Every World Cup has an underrated host city: For me, it was Montpellier (1998), Jeju Island (2002), Hamburg (2006), Hangzhou (2007), Durban (2010) and Natal (2014). And this summer, Ottawa wins. On a heavenly summer day, ByWard Market, Rideau Canal, Parliament Hill, National Gallery and a waterside stadium were glowing.

Ottawa’s Lansdowne Stadium is bracketed by new commercial development. PetSmart overlooks the field, Whole Foods is a block away and, on the older strip of Bank Street, Kettleman’s is making Montreal-style bagels.

I am scheduled to visit five of the six Canadian venues. I did not make it to Moncton. I would like to have seen Montana, er, Moncton (hat tip to Sam Neill).

I don’t think I’m going out on a limb by saying Winnipeg in the winter is probably not a pleasant place to visit.

Love the city nicknames: E-Town, Hub City, The Peg, Vansterdam, O-Town, La Metropole.

Toronto would have been a great venue for many reasons, but mostly to fly into an island airport on Porter Airlines from Dulles.

Artificial turf in a natural wonderland like Canada makes as much sense as “Ted 2” playing at an art-house cinema.

There is an actual grain elevator museum outside of Edmonton.

I love watching the speedometer in a rental car hit 110, even if that’s not what I think it means.

Women’s World Cup created some buzz here, but it’s no NHL draft.

When it comes to credit card transactions, Canada is the NHL and the United States is the WHA. Embedded chips and portable processors are the way to go, America.

I’m a Marriott guy, but Sandman is a great name for a hotel chain.
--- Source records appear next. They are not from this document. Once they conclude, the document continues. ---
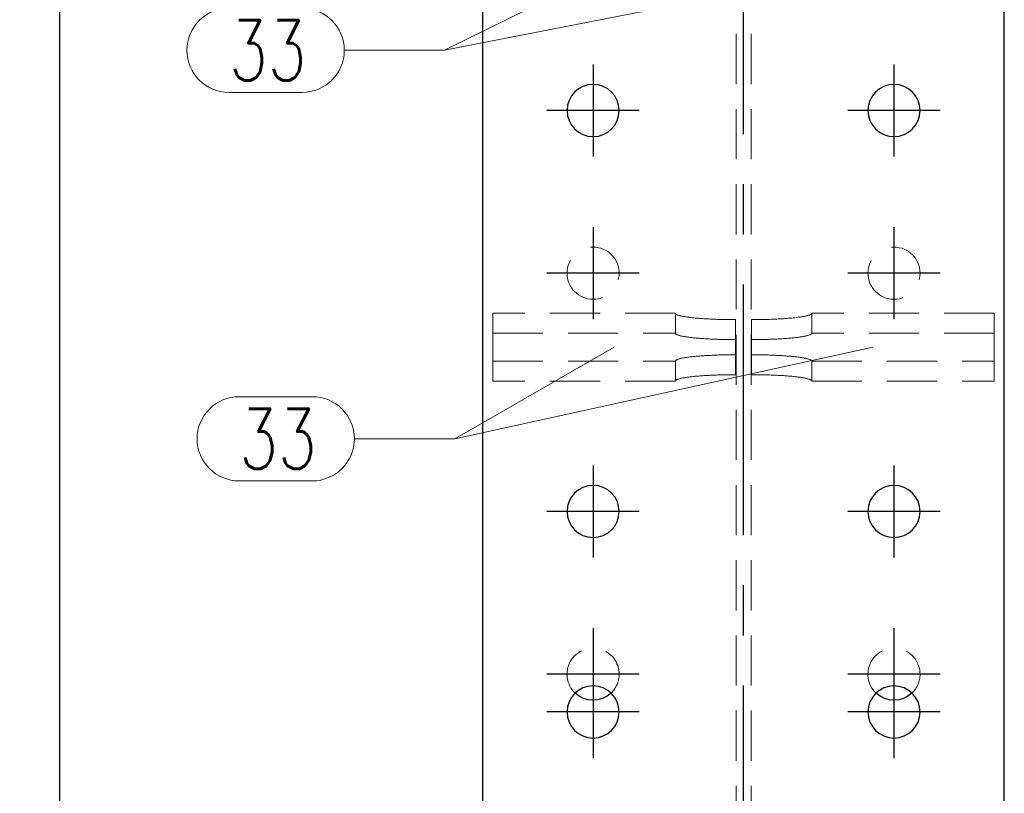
# Model space of a CAD drawing. Header units: millimetres. Extents: x 2097 to 3301, y 14853 to 15503.
# Tile 28 of 97: x 2203 to 2252, y 15377 to 15416. Entities that reach past the tile are written whole.
import ezdxf

# ---------------------------------------------------------------- set-up
doc = ezdxf.new("R2010")
doc.units = ezdxf.units.MM
doc.header["$LTSCALE"] = 10
doc.linetypes.add('HIDDEN', pattern=[0.375, 0.25, -0.125])
doc.linetypes.add('MITTE', pattern=[2, 1.25, -0.25, 0.25, -0.25])
doc.layers.get('Defpoints').update_dxf_attribs({"color": 1})
for name, color, linetype, lineweight in [('PS_DIM', 4, 'Continuous', 13), ('PS_Hidden', 2, 'HIDDEN', 9), ('PS_Pos', 1, 'Continuous', 15), ('PS_SOLID', 7, 'Continuous', 30)]:
    doc.layers.add(name, color=color, linetype=linetype, lineweight=lineweight)
doc.layers.add('PS_MID', color=5, linetype='MITTE')
doc.layers.add('PS_SHAPE', color=3, linetype='Continuous')
doc.styles.add('simplex', font='simplex.shx', dxfattribs={"width": 0.75})
doc.dimstyles.new('1_10_GŁ_DS1-LS10', dxfattribs={"dimtxt": 2, "dimasz": 2, "dimexe": 2, "dimexo": 5, "dimgap": 1, "dimtad": 1, "dimjust": 4, "dimdec": 0, "dimlfac": 10, "dimtxsty": 'simplex', "dimblk1": 'NONE', "dimsah": 1, "dimcen": 2, "dimclrd": 256, "dimclre": 256, "dimclrt": 3, "dimadec": 1, "dimazin": 0, "dimtfac": 1, "dimtdec": 0, "dimtmove": 2, "dimatfit": 3, "dimfxl": 1, "dimarcsym": 0})

# ---------------------------------------------------------------- blocks, each defined once
blk = doc.blocks.new('*D1392')
at = {"layer": 'Defpoints', "color": 0, "transparency": 16777216}
for p in [(2205.041, 15433.044), (2224.527, 15433.044), (2252.127, 15223.911)]:
    blk.add_point(p, dxfattribs=at)
at = {"layer": 'PS_DIM', "lineweight": -2, "transparency": 16777216}
for p, q in [((2219.527, 15433.044), (2203.041, 15433.044)), ((2205.041, 15223.911), (2205.041, 15431.044)), ((2247.127, 15223.911), (2203.041, 15223.911))]:
    blk.add_line(p, q, dxfattribs=at)
at = {"layer": 'PS_DIM', "transparency": 16777216}
blk.add_solid([(2204.708, 15431.044), (2205.374, 15431.044), (2205.041, 15433.044)], dxfattribs=at)
at = {"layer": 'PS_DIM', "color": 3, "transparency": 16777216, "insert": (2208.704, 15435.064), "char_height": 2, "attachment_point": 5, "rotation": 0.0573, "style": 'simplex'}
blk.add_mtext('6470', dxfattribs=at)
blk = doc.blocks.new('_None')
blk = doc.blocks.new('*D1393')
at = {"layer": 'Defpoints', "color": 0, "transparency": 16777216}
for p in [(2205.041, 15439.044), (2224.527, 15439.044), (2252.127, 15223.911)]:
    blk.add_point(p, dxfattribs=at)
at = {"layer": 'PS_DIM', "lineweight": -2, "transparency": 16777216}
for p, q in [((2219.527, 15439.044), (2203.041, 15439.044)), ((2205.041, 15223.911), (2205.041, 15437.044)), ((2247.127, 15223.911), (2203.041, 15223.911))]:
    blk.add_line(p, q, dxfattribs=at)
at = {"layer": 'PS_DIM', "transparency": 16777216}
blk.add_solid([(2204.708, 15437.044), (2205.374, 15437.044), (2205.041, 15439.044)], dxfattribs=at)
at = {"layer": 'PS_DIM', "color": 3, "transparency": 16777216, "insert": (2208.704, 15441.064), "char_height": 2, "attachment_point": 5, "rotation": 0.0573, "style": 'simplex'}
blk.add_mtext('6530', dxfattribs=at)
blk = doc.blocks.new('*D1394')
at = {"layer": 'Defpoints', "color": 0, "transparency": 16777216}
for p in [(2205.041, 15456.044), (2228.257, 15456.044), (2252.127, 15223.911)]:
    blk.add_point(p, dxfattribs=at)
at = {"layer": 'PS_DIM', "lineweight": -2, "transparency": 16777216}
for p, q in [((2223.257, 15456.044), (2203.041, 15456.044)), ((2205.041, 15223.911), (2205.041, 15454.044)), ((2247.127, 15223.911), (2203.041, 15223.911))]:
    blk.add_line(p, q, dxfattribs=at)
at = {"layer": 'PS_DIM', "transparency": 16777216}
blk.add_solid([(2204.708, 15454.044), (2205.374, 15454.044), (2205.041, 15456.044)], dxfattribs=at)
at = {"layer": 'PS_DIM', "color": 3, "transparency": 16777216, "insert": (2208.704, 15458.064), "char_height": 2, "attachment_point": 5, "rotation": 0.0573, "style": 'simplex'}
blk.add_mtext('6700', dxfattribs=at)
blk = doc.blocks.new('*X453')
at = {"layer": 'PS_Hidden', "color": 2, "linetype": 'HIDDEN'}
for p, q in [((2438.752, 15330.044), (2438.752, 15456.044)), ((2439.502, 15330.044), (2439.502, 15456.044)), ((2426.627, 15400.118), (2426.627, 15401.113)), ((2435.727, 15401.113), (2426.627, 15401.113)), ((2435.727, 15401.113), (2435.728, 15401.105)), ((2435.727, 15400.118), (2435.727, 15401.113)), ((2442.526, 15401.105), (2442.527, 15401.113)), ((2451.627, 15401.113), (2442.527, 15401.113)), ((2442.527, 15401.113), (2442.527, 15401.113)), ((2442.527, 15401.113), (2442.527, 15400.118)), ((2451.627, 15400.118), (2451.627, 15401.113)), ((2435.728, 15401.105), (2435.731, 15401.096)), ((2435.731, 15401.096), (2435.735, 15401.088)), ((2435.735, 15401.088), (2435.742, 15401.08)), ((2435.742, 15401.08), (2435.751, 15401.072)), ((2435.751, 15401.072), (2435.761, 15401.064)), ((2435.761, 15401.064), (2435.774, 15401.056)), ((2435.774, 15401.056), (2435.788, 15401.049)), ((2435.788, 15401.049), (2435.804, 15401.041)), ((2435.804, 15401.041), (2435.822, 15401.033)), ((2435.822, 15401.033), (2435.842, 15401.025)), ((2435.842, 15401.025), (2435.864, 15401.017)), ((2435.864, 15401.017), (2435.888, 15401.01)), ((2435.888, 15401.01), (2435.913, 15401.002)), ((2435.913, 15401.002), (2435.941, 15400.995)), ((2435.941, 15400.995), (2435.97, 15400.987)), ((2435.97, 15400.987), (2436.001, 15400.98)), ((2436.001, 15400.98), (2436.033, 15400.972)), ((2436.033, 15400.972), (2436.068, 15400.965)), ((2436.068, 15400.965), (2436.104, 15400.958)), ((2436.104, 15400.958), (2436.141, 15400.951)), ((2436.141, 15400.951), (2436.181, 15400.944)), ((2436.181, 15400.944), (2436.222, 15400.937)), ((2436.222, 15400.937), (2436.264, 15400.931)), ((2436.264, 15400.931), (2436.309, 15400.924)), ((2436.309, 15400.924), (2436.354, 15400.918)), ((2436.354, 15400.918), (2436.402, 15400.911)), ((2436.402, 15400.911), (2436.45, 15400.905)), ((2436.45, 15400.905), (2436.501, 15400.899)), ((2436.501, 15400.899), (2436.552, 15400.893)), ((2436.552, 15400.893), (2436.605, 15400.887)), ((2436.605, 15400.887), (2436.66, 15400.882)), ((2436.66, 15400.882), (2436.716, 15400.876)), ((2436.716, 15400.876), (2436.773, 15400.871)), ((2436.773, 15400.871), (2436.831, 15400.866)), ((2436.831, 15400.866), (2436.89, 15400.861)), ((2436.89, 15400.861), (2436.951, 15400.856)), ((2436.951, 15400.856), (2437.013, 15400.851)), ((2437.013, 15400.851), (2437.076, 15400.847)), ((2437.076, 15400.847), (2437.14, 15400.842)), ((2437.14, 15400.842), (2437.205, 15400.838)), ((2437.205, 15400.838), (2437.271, 15400.834)), ((2437.271, 15400.834), (2437.338, 15400.83)), ((2437.338, 15400.83), (2437.405, 15400.827)), ((2437.405, 15400.827), (2437.474, 15400.823)), ((2437.474, 15400.823), (2437.544, 15400.82)), ((2437.544, 15400.82), (2437.614, 15400.817)), ((2437.614, 15400.817), (2437.685, 15400.814)), ((2437.685, 15400.814), (2437.756, 15400.811)), ((2437.756, 15400.811), (2437.829, 15400.809)), ((2437.829, 15400.809), (2437.901, 15400.807)), ((2437.901, 15400.807), (2437.975, 15400.804)), ((2437.975, 15400.804), (2438.049, 15400.802)), ((2438.049, 15400.802), (2438.123, 15400.801)), ((2438.123, 15400.801), (2438.197, 15400.799)), ((2438.197, 15400.799), (2438.272, 15400.798)), ((2438.272, 15400.798), (2438.348, 15400.797)), ((2438.348, 15400.797), (2438.423, 15400.796)), ((2438.423, 15400.796), (2438.499, 15400.795)), ((2438.499, 15400.795), (2438.575, 15400.795)), ((2438.575, 15400.795), (2438.651, 15400.794)), ((2438.651, 15400.794), (2438.727, 15400.794)), ((2438.727, 15400.794), (2438.727, 15400.794)), ((2438.727, 15400.794), (2438.727, 15399.8)), ((2439.527, 15399.8), (2439.527, 15400.794)), ((2439.527, 15400.794), (2439.603, 15400.794)), ((2439.603, 15400.794), (2439.679, 15400.795)), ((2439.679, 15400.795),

Elevator music furnished by Metallica.

Blue recycling bins in hotel rooms. Smart.

Air Canada doesn’t mess around when it comes to acceptable carry-on luggage. Might as well check it.

Maple candy. Yes.

Poutine. No.

While in Canada, one does not eat at restaurants with names that include Boston, Texas or Arizona. Maybe New York.

Restaurant shout-outs: L’Express (Montreal), Chez Lucien (Ottawa), Fusion Grill (Winnipeg), Maki Maki (Edmonton). I know it’s a chain, but I do love Cora’s. Vancouver to come …

The sun never sets on the British Empire — or on Edmonton during summer solstice.

The West Edmonton Mall has applied to become Canada’s 11th province.

My belief that all Canadians are respectful was shattered by someone in Winnipeg driving 3 or 4 mph over the speed limit.

It’s an election year in Canada. Judging from omnipresence of signage, I believe that Tim Horton‘s will win.